Du willst wissen, wie aus einem winzigen Samenkorn eine robuste Nutzpflanze wird – und das Ganze auch noch wissenschaftlich begleiten? Dann könnte dieser Beruf genau deins sein. Als Pflanzentechnologe/-technologin arbeitest du in Saatgutunternehmen, Pflanzenzüchtungsbetrieben oder landwirtschaftlichen Forschungseinrichtungen. Dort legst du Versuchsfelder und Gewächshauskulturen an, pflegst Pflanzenmaterial und wertest aus, wie unterschiedliche Bedingungen das Wachstum beeinflussen.
- Pflanzenmaterial ausbringen, pflegen und ernten
- Versuche und Untersuchungsreihen planen, durchführen und dokumentieren
- Wachstumsmerkmale erheben und beurteilen (Bonitur)
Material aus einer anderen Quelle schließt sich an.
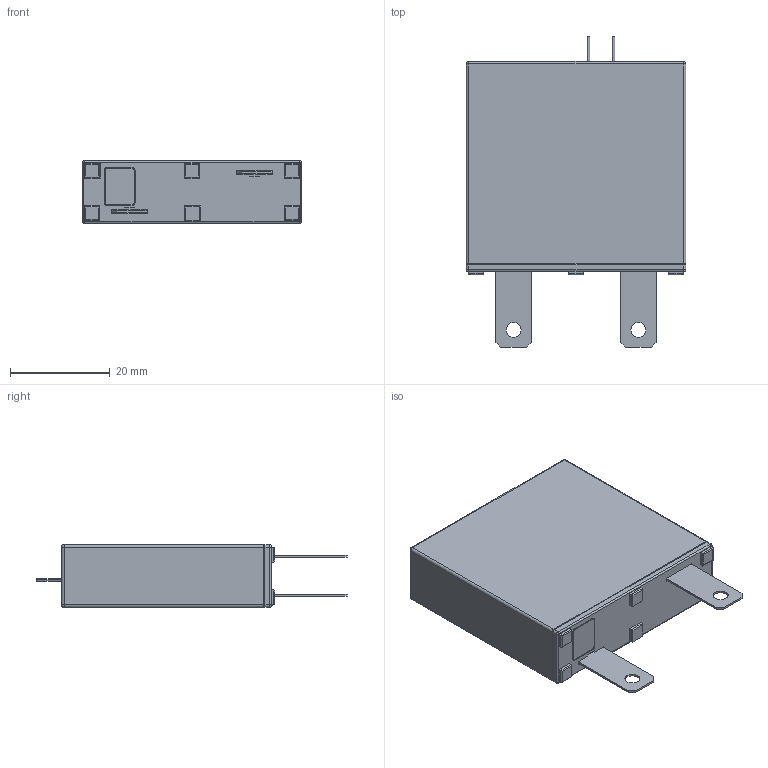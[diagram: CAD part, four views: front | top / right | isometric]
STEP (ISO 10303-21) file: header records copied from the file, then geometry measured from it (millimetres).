
FILE_DESCRIPTION((''),'2;1');
FILE_NAME('TFMOV40K-12-IT-20200812','2020-08-12T',('SET-01114'),(''),'PRO/ENGINEER BY PARAMETRIC TECHNOLOGY CORPORATION, 2012310','PRO/ENGINEER BY PARAMETRIC TECHNOLOGY CORPORATION, 2012310','');
FILE_SCHEMA(('CONFIG_CONTROL_DESIGN','SHAPE_APPEARANCE_LAYERS_GROUPS'));
Length unit declared in the file: millimetre
Products named in the file (1): TFMOV40K-12-IT-20200812
Bounding box: 44 x 62.2 x 12.6 mm (x, y, z)
Volume: 23351.9 mm3; surface area: 6500.2 mm2
Topology: 1 solids, 2 shells, 169 faces, 396 edges, 244 vertices
Faces by surface type: plane 92, cylinder 61, torus 8, bspline 4, sphere 4
Entity records: 6151 total; most frequent: CARTESIAN_POINT 1023, DIRECTION 794, ORIENTED_EDGE 792, PRESENTATION_STYLE_ASSIGNMENT 397, STYLED_ITEM 397, CURVE_STYLE 396, EDGE_CURVE 396, VECTOR 284
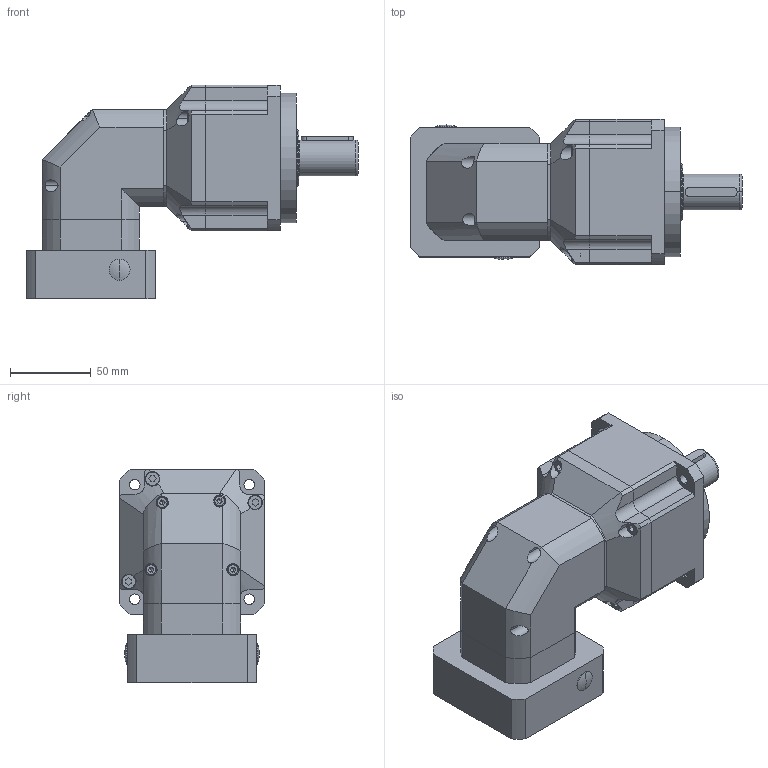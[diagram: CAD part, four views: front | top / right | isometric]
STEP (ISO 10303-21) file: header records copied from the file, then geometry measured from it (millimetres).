
FILE_DESCRIPTION (( 'STEP AP203' ), '1' );
FILE_NAME ('PHFZ090-L2-19-70-90-M6-TÐÍ.STEP', '2020-06-27T06:25:26', ( 'ylmfeng' ), ( 'ylmfeng.com' ), 'SwSTEP 2.0', 'SolidWorks 2014', '' );
FILE_SCHEMA (( 'CONFIG_CONTROL_DESIGN' ));
Length unit declared in the file: millimetre
Products named in the file (1): PHFZ090-L2-19-70-90-M6-T倰
Bounding box: 205 x 90 x 132 mm (x, y, z)
Volume: 967712.7 mm3; surface area: 156488 mm2
Topology: 25 solids, 26 shells, 714 faces, 1761 edges, 1108 vertices
Faces by surface type: plane 320, cylinder 230, cone 88, torus 48, bspline 28
Entity records: 22692 total; most frequent: CARTESIAN_POINT 5644, DIRECTION 3624, ORIENTED_EDGE 3478, EDGE_CURVE 1739, AXIS2_PLACEMENT_3D 1373, VERTEX_POINT 1108, LINE 878, VECTOR 878
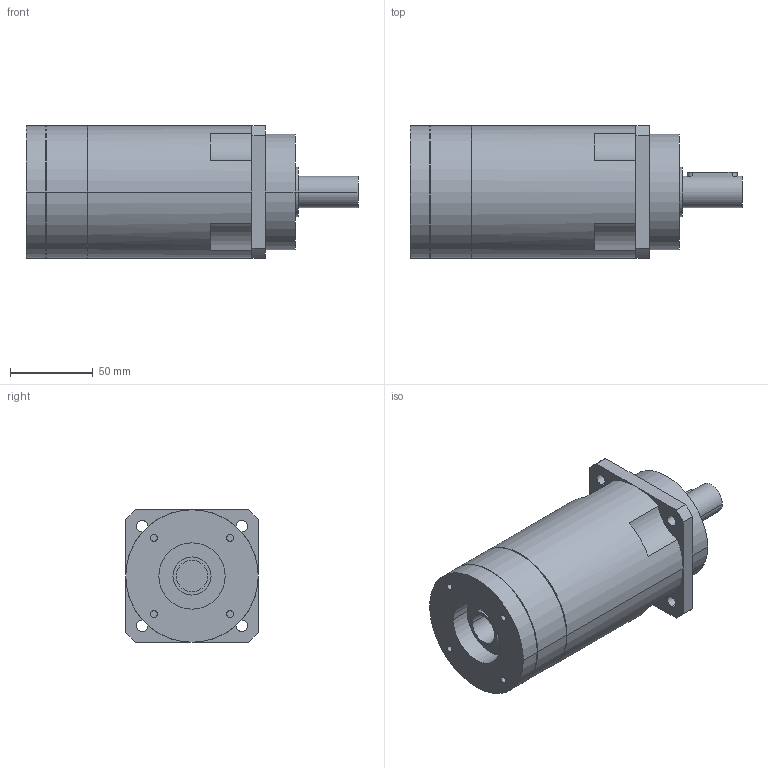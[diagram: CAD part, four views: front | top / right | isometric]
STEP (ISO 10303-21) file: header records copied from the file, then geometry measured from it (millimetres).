
FILE_DESCRIPTION(('CoCreate Modeling STEP Export'),'2;1');
FILE_NAME('GPR100_ig-48-64-80-100-120-144-180-216_19_B5_19_P26.stp','2014-08-26T11:56:29',(''),(''),'CoCreate Modeling STEP processor for AP214 (Solid Model)','CoCreate Modeling 16.00C 25-Feb-2009 (C) Parametric Technology GmbH','');
FILE_SCHEMA(('AUTOMOTIVE_DESIGN { 1 0 10303 214 1 1 1 1 }'));
Length unit declared in the file: millimetre
Products named in the file (2): GPR100_ig-48-64-80-100-120-144-180-216_19_B5_19_P26
Assembly tree (1 placements, depth 2):
  GPR100_ig-48-64-80-100-120-144-180-216_19_B5_19_P26
    GPR100_ig-48-64-80-100-120-144-180-216_19_B5_19_P26
Bounding box: 200.4 x 80 x 80 mm (x, y, z)
Volume: 784278.4 mm3; surface area: 62165.9 mm2
Topology: 1 solids, 1 shells, 81 faces, 211 edges, 143 vertices
Faces by surface type: cylinder 46, plane 29, cone 6
Entity records: 2239 total; most frequent: ORIENTED_EDGE 418, CARTESIAN_POINT 409, DIRECTION 326, EDGE_CURVE 209, VERTEX_POINT 143, AXIS2_PLACEMENT_3D 124, EDGE_LOOP 102, FACE_OUTER_BOUND 81
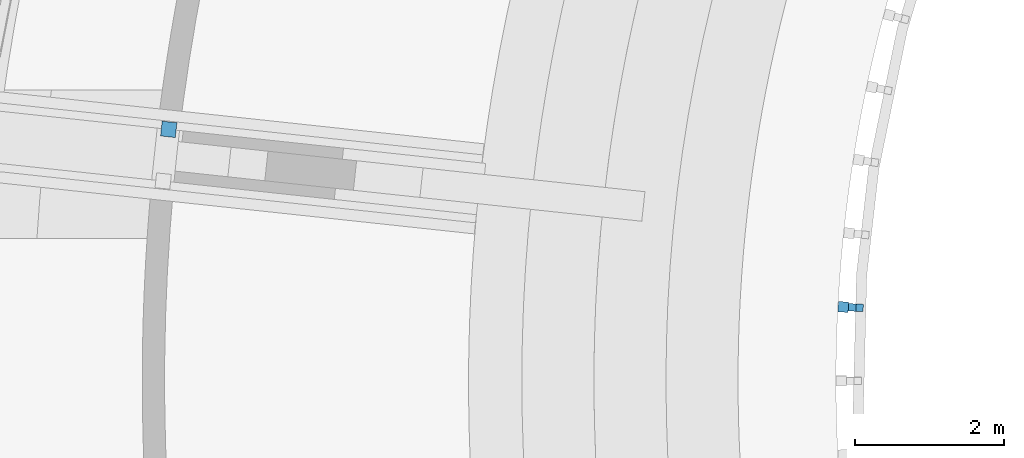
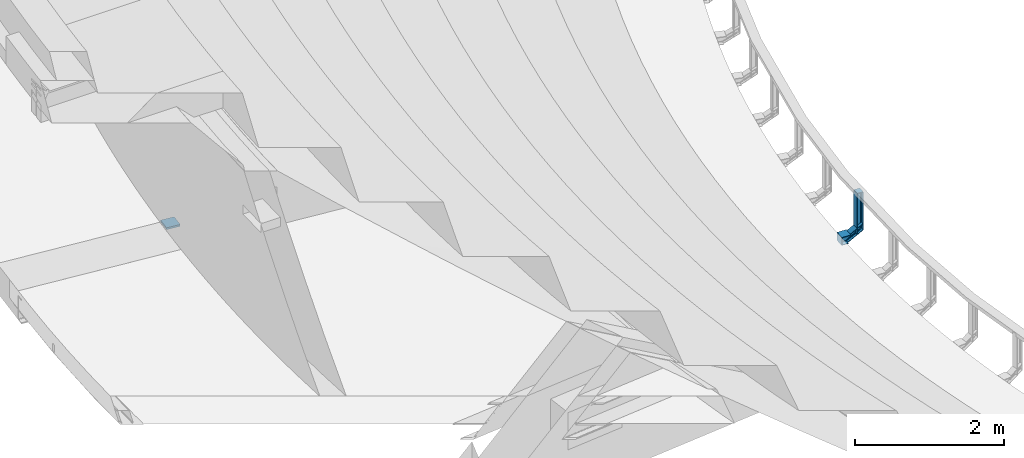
# One storey, part 42 of 68: 2 beams.
"""IFC2X3 building model written with IfcOpenShell, lengths in millimetres."""

from ifc_helpers import new_model, entity, si_unit, converted_unit, derived_unit, direction, frame, frame_2d, origin, place, context, subcontext, project, spatial, rectangle, extrude, faceted_brep, source, transform, mapped, material, type_object, type_shapes, element, save


model = new_model("IFC2X3")

# Units and contexts
model_context = context("Model", 3, precision=0.01, world=origin(), true_north=direction((6.12303176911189e-17, 1.0)))
body_context = subcontext(model_context, "Body", "Model", "MODEL_VIEW")
ifc_project = project(units=[si_unit("LENGTHUNIT", "METRE", prefix="MILLI"), si_unit("AREAUNIT", "SQUARE_METRE", prefix="MILLI"), si_unit("VOLUMEUNIT", "CUBIC_METRE"), converted_unit("PLANEANGLEUNIT", "DEGREE", entity("IfcRatioMeasure", 0.0174532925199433), si_unit("PLANEANGLEUNIT", "RADIAN"), dimensions=[0, 0, 0, 0, 0, 0, 0]), si_unit("MASSUNIT", "GRAM", prefix="KILO"), derived_unit("MASSDENSITYUNIT", [(si_unit("MASSUNIT", "GRAM", prefix="KILO"), 1), (si_unit("LENGTHUNIT", "METRE"), -3)]), derived_unit("MOMENTOFINERTIAUNIT", [(si_unit("LENGTHUNIT", "METRE"), 4)]), si_unit("TIMEUNIT", "SECOND"), si_unit("FREQUENCYUNIT", "HERTZ"), si_unit("THERMODYNAMICTEMPERATUREUNIT", "DEGREE_CELSIUS"), derived_unit("THERMALTRANSMITTANCEUNIT", [(si_unit("MASSUNIT", "GRAM", prefix="KILO"), 1), (si_unit("THERMODYNAMICTEMPERATUREUNIT", "KELVIN"), -1), (si_unit("TIMEUNIT", "SECOND"), -3)]), derived_unit("VOLUMETRICFLOWRATEUNIT", [(si_unit("LENGTHUNIT", "METRE"), 3), (si_unit("TIMEUNIT", "SECOND"), -1)]), si_unit("ELECTRICCURRENTUNIT", "AMPERE"), si_unit("ELECTRICVOLTAGEUNIT", "VOLT"), si_unit("POWERUNIT", "WATT"), si_unit("FORCEUNIT", "NEWTON", prefix="KILO"), si_unit("ILLUMINANCEUNIT", "LUX"), si_unit("LUMINOUSFLUXUNIT", "LUMEN"), si_unit("LUMINOUSINTENSITYUNIT", "CANDELA"), derived_unit("USERDEFINED", [(si_unit("MASSUNIT", "GRAM", prefix="KILO"), -1), (si_unit("LENGTHUNIT", "METRE"), -2), (si_unit("TIMEUNIT", "SECOND"), 3), (si_unit("LUMINOUSFLUXUNIT", "LUMEN"), 1)]), derived_unit("LINEARVELOCITYUNIT", [(si_unit("LENGTHUNIT", "METRE"), 1), (si_unit("TIMEUNIT", "SECOND"), -1)]), si_unit("PRESSUREUNIT", "PASCAL"), derived_unit("USERDEFINED", [(si_unit("LENGTHUNIT", "METRE"), -2), (si_unit("MASSUNIT", "GRAM", prefix="KILO"), 1), (si_unit("TIMEUNIT", "SECOND"), -2)]), derived_unit("LINEARFORCEUNIT", [(si_unit("MASSUNIT", "GRAM", prefix="KILO"), 1), (si_unit("LENGTHUNIT", "METRE"), 1), (si_unit("TIMEUNIT", "SECOND"), -2), (si_unit("LENGTHUNIT", "METRE"), -1)]), derived_unit("PLANARFORCEUNIT", [(si_unit("MASSUNIT", "GRAM", prefix="KILO"), 1), (si_unit("LENGTHUNIT", "METRE"), 1), (si_unit("TIMEUNIT", "SECOND"), -2), (si_unit("LENGTHUNIT", "METRE"), -2)])], contexts=[model_context])

# Site, building, storey
site_placement = place(None, origin())
site = spatial("IfcSite", under=ifc_project, at=site_placement, Name="Theater aan de Parade", CompositionType="ELEMENT")
building_placement = place(site_placement, origin())
building = spatial("IfcBuilding", under=site, at=building_placement, Name="Theater aan de Parade", CompositionType="ELEMENT")
storey_placement = place(building_placement, frame((0.0, 0.0, 8750.0)))
storey = spatial("IfcBuildingStorey", under=building, at=storey_placement, Name="02 tweede verdieping", CompositionType="ELEMENT", Elevation=8750.0)

# Beams
ifc_material_1 = material(Name="00_PBT_MAT_staal")
beam_type_1 = type_object("IfcBeamType", Name="28_PBT_SF_staal_strip:strip 200x30_opgelaste plaat", PredefinedType="NOTDEFINED")
beam_1_placement = place(storey_placement, frame((43966.7361101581, 35847.0288543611, 0.0), z_axis=(0.0, 0.0, 1.0), x_axis=(0.994276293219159, -0.106839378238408, 0.0)))
element("IfcBeam", 1, at=beam_1_placement, inside=storey, type_object=beam_type_1, material=ifc_material_1, Name="28_PBT_SF_staal_strip:strip 200x30_opgelaste plaat", ObjectType="28_PBT_SF_staal_strip:strip 200x30_opgelaste plaat", context=body_context, shape_type="SweptSolid", body=[
    extrude(rectangle(XDim=29.9999999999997, YDim=199.999999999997, at=frame_2d((0.0, 4.76063632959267e-12), x_axis=(1.0, 0.0))), frame((0.0, 0.0, -140.0), z_axis=(1.0, 0.0, 0.0), x_axis=(0.0, 0.0, -1.0)), (0.0, 0.0, 1.0), 200.000000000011),
])
ifc_material_2 = material(Name="00_PBT_MAT_staal_S355")
beam_type_2 = type_object("IfcBeamType", Name="28_PBT_SF_staal_baluster balkon:baluster HEA100", PredefinedType="BEAM", material=ifc_material_2)
shared_shape = source(origin(), body_context, "Body", "Brep", [
    faceted_brep([(50.0, -43.537813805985, 625.0), (50.0, 44.0, 625.0), (50.0, 44.0, 635.0), (50.0, -43.537813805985, 635.0), (-50.0, -43.537813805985, 625.0), (-50.0, -43.537813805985, 635.0), (-50.0, 44.0, 635.0), (-50.0, 44.0, 625.0)], [[[0, 1, 2, 3]], [[4, 5, 6, 7]], [[1, 0, 4, 7]], [[2, 1, 7, 6]], [[3, 2, 6, 5]], [[0, 3, 5, 4]]]),
    faceted_brep([(70.0, 278.0, -133.0), (70.0, 290.0, -133.0), (70.0, 290.0, 0.0), (70.0, 278.0, 0.0), (-70.0, 278.0, -133.0), (-70.0, 278.0, 0.0), (-70.0, 290.0, 0.0), (-70.0, 290.0, -133.0)], [[[0, 1, 2, 3]], [[4, 5, 6, 7]], [[1, 0, 4, 7]], [[2, 1, 7, 6]], [[3, 2, 6, 5]], [[0, 3, 5, 4]]]),
    faceted_brep([(14.7499999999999, 278.0, -124.5), (70.0, 278.0, -124.5), (70.0, 278.0, -133.0), (-70.0, 278.0, -133.0), (-70.0, 278.0, -124.500000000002), (-14.7500000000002, 278.0, -124.500000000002), (-11.6441714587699, 278.0, -124.091109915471), (-8.75000000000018, 278.0, -122.892304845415), (-6.26471862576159, 278.0, -120.98528137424), (-4.3576951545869, 278.0, -118.500000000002), (-3.15889008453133, 278.0, -115.605828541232), (-2.75000000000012, 278.0, -112.500000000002), (-2.75000000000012, 278.0, -20.500000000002), (-3.15889008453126, 278.0, -17.3941714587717), (-4.35769515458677, 278.0, -14.500000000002), (-6.26471862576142, 278.0, -12.0147186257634), (-8.74999999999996, 278.0, -10.1076951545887), (-11.6441714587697, 278.0, -8.90889008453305), (-14.7500000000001, 278.0, -8.50000000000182), (-70.0, 278.0, -8.50000000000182), (-70.0, 278.0, 0.0), (70.0, 278.0, 0.0), (70.0, 278.0, -8.50000000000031), (14.7499999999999, 278.0, -8.50000000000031), (11.6441714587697, 278.0, -8.90889008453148), (8.74999999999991, 278.0, -10.107695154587), (6.26471862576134, 278.0, -12.0147186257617), (4.35769515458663, 278.0, -14.5000000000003), (3.15889008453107, 278.0, -17.39417145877), (2.74999999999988, 278.0, -20.5000000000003), (2.74999999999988, 278.0, -112.5), (3.15889008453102, 278.0, -115.60582854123), (4.35769515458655, 278.0, -118.5), (6.26471862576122, 278.0, -120.985281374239), (8.74999999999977, 278.0, -122.892304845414), (11.6441714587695, 278.0, -124.091109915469), (70.0, 151.923048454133, 0.0), (70.0, 154.37480362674, -8.50000000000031), (70.0, 187.834050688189, -124.5), (70.0, 190.285805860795, -133.0), (14.7499999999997, 154.37480362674, -8.50000000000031), (14.7499999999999, 214.85290376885, -8.50000000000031), (-14.7500000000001, 214.852897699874, -8.50000000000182), (-14.7500000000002, 154.37480362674, -8.50000000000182), (-70.0, 154.37480362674, -8.50000000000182), (6.43965673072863, 216.327371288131, -11.8433150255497), (2.74999999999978, 217.521900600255, -20.5000000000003), (12.079748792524, 154.461585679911, -8.8008650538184), (9.5433951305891, 154.717580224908, -9.68837358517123), (7.26812237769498, 155.129950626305, -11.1180222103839), (5.36802221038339, 155.678018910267, -13.0181223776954), (3.05086505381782, 157.065893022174, -17.8297487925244), (2.74999999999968, 157.83610504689, -20.5000000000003), (3.9383735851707, 156.334302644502, -15.2933951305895), (2.74999999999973, 184.372749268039, -112.5), (3.93837358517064, 185.874551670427, -117.706604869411), (3.05086505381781, 185.142961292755, -115.170251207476), (5.36802221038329, 186.530835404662, -119.981877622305), (7.26812237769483, 187.078903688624, -121.881977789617), (9.54339513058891, 187.491274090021, -123.311626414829), (12.0797487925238, 187.747268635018, -124.199134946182), (14.7499999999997, 187.834050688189, -124.5), (-70.0, 187.83405068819, -124.500000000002), (-14.7500000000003, 187.83405068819, -124.500000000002), (-70.0, 190.285805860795, -133.0), (-70.0, 151.923048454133, 0.0), (-9.54339513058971, 187.491274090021, -123.311626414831), (-12.0797487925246, 187.747268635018, -124.199134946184), (-7.2681223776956, 187.078903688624, -121.881977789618), (-5.36802221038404, 186.530835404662, -119.981877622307), (-3.93837358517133, 185.874551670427, -117.706604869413), (-3.05086505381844, 185.142961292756, -115.170251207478), (-2.75000000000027, 184.37274926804, -112.500000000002), (-2.75000000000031, 157.83610504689, -20.500000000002), (-2.75000000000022, 217.521907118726, -20.5000000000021), (-6.43965718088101, 216.327373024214, -11.8433145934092), (-3.05086505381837, 157.065893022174, -17.8297487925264), (-3.93837358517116, 156.334302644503, -15.2933951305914), (-5.36802221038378, 155.678018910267, -13.0181223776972), (-7.2681223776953, 155.129950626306, -11.1180222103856), (-9.54339513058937, 154.717580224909, -9.68837358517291), (-12.0797487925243, 154.461585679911, -8.80086505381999)], [[[0, 1, 2, 3, 4, 5, 6, 7, 8, 9, 10, 11, 12, 13, 14, 15, 16, 17, 18, 19, 20, 21, 22, 23, 24, 25, 26, 27, 28, 29, 30, 31, 32, 33, 34, 35]], [[22, 21, 36, 37]], [[2, 1, 38, 39]], [[23, 22, 37, 40, 41]], [[19, 18, 42, 43, 44]], [[24, 45, 25]], [[25, 45, 26]], [[27, 45, 46]], [[41, 40, 47]], [[23, 41, 24]], [[27, 26, 45]], [[41, 47, 48]], [[45, 49, 50]], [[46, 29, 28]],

- Proben nehmen und im Labor analysieren
- Maschinen, Geräte und Gewächshausanlagen bedienen und warten
- Züchtungs- und Vermehrungsverfahren anwenden
- Daten erfassen, auswerten und in Qualitätssicherungssystemen pflegen
- Integrierten Pflanzenschutz planen und umsetzen
Passt das zu dir?
Du bist draußen genauso wie im Labor zuhause und findest es spannend, wenn Zahlen und Natur zusammenkommen? Du arbeitest gerne sorgfältig, dokumentierst gerne und magst es, wenn man Ergebnisse wirklich sehen kann – zum Beispiel an einer gesunden Ernte? Dann triffst du hier genau den richtigen Ton. Besonders gut passt der Beruf zu dir, wenn du Naturwissenschaften magst und auch mal in der Erde buddeln willst, ohne dabei auf Technik und Daten zu verzichten.
Voraussetzungen
Ein mittlerer Schulabschluss wird von den meisten Betrieben vorausgesetzt. Wichtiger als Noten sind aber echtes Interesse an Pflanzen und Biologie, Genauigkeit beim Dokumentieren und Lust aufs Mitanpacken – draußen auf dem Feld genauso wie im Gewächshaus oder Labor. Gute Kenntnisse in Biologie und Mathematik helfen dir beim Auswerten von Versuchsdaten.
Und danach?
Mit deiner Ausbildung hast du eine solide Basis in einem Bereich, der durch Klimawandel und Ernährungssicherheit massiv an Bedeutung gewinnt. Du kannst dich zum Techniker oder zur Technikerin in der Landwirtschaft weiterqualifizieren, ein Studium in Agrarwissenschaften oder Pflanzenbiotechnologie anschließen oder dich auf bestimmte Kulturpflanzen oder Züchtungsmethoden spezialisieren. Wer Verantwortung übernehmen will, kann Teamleitung oder Projektkoordination in Forschungsbetrieben anstreben.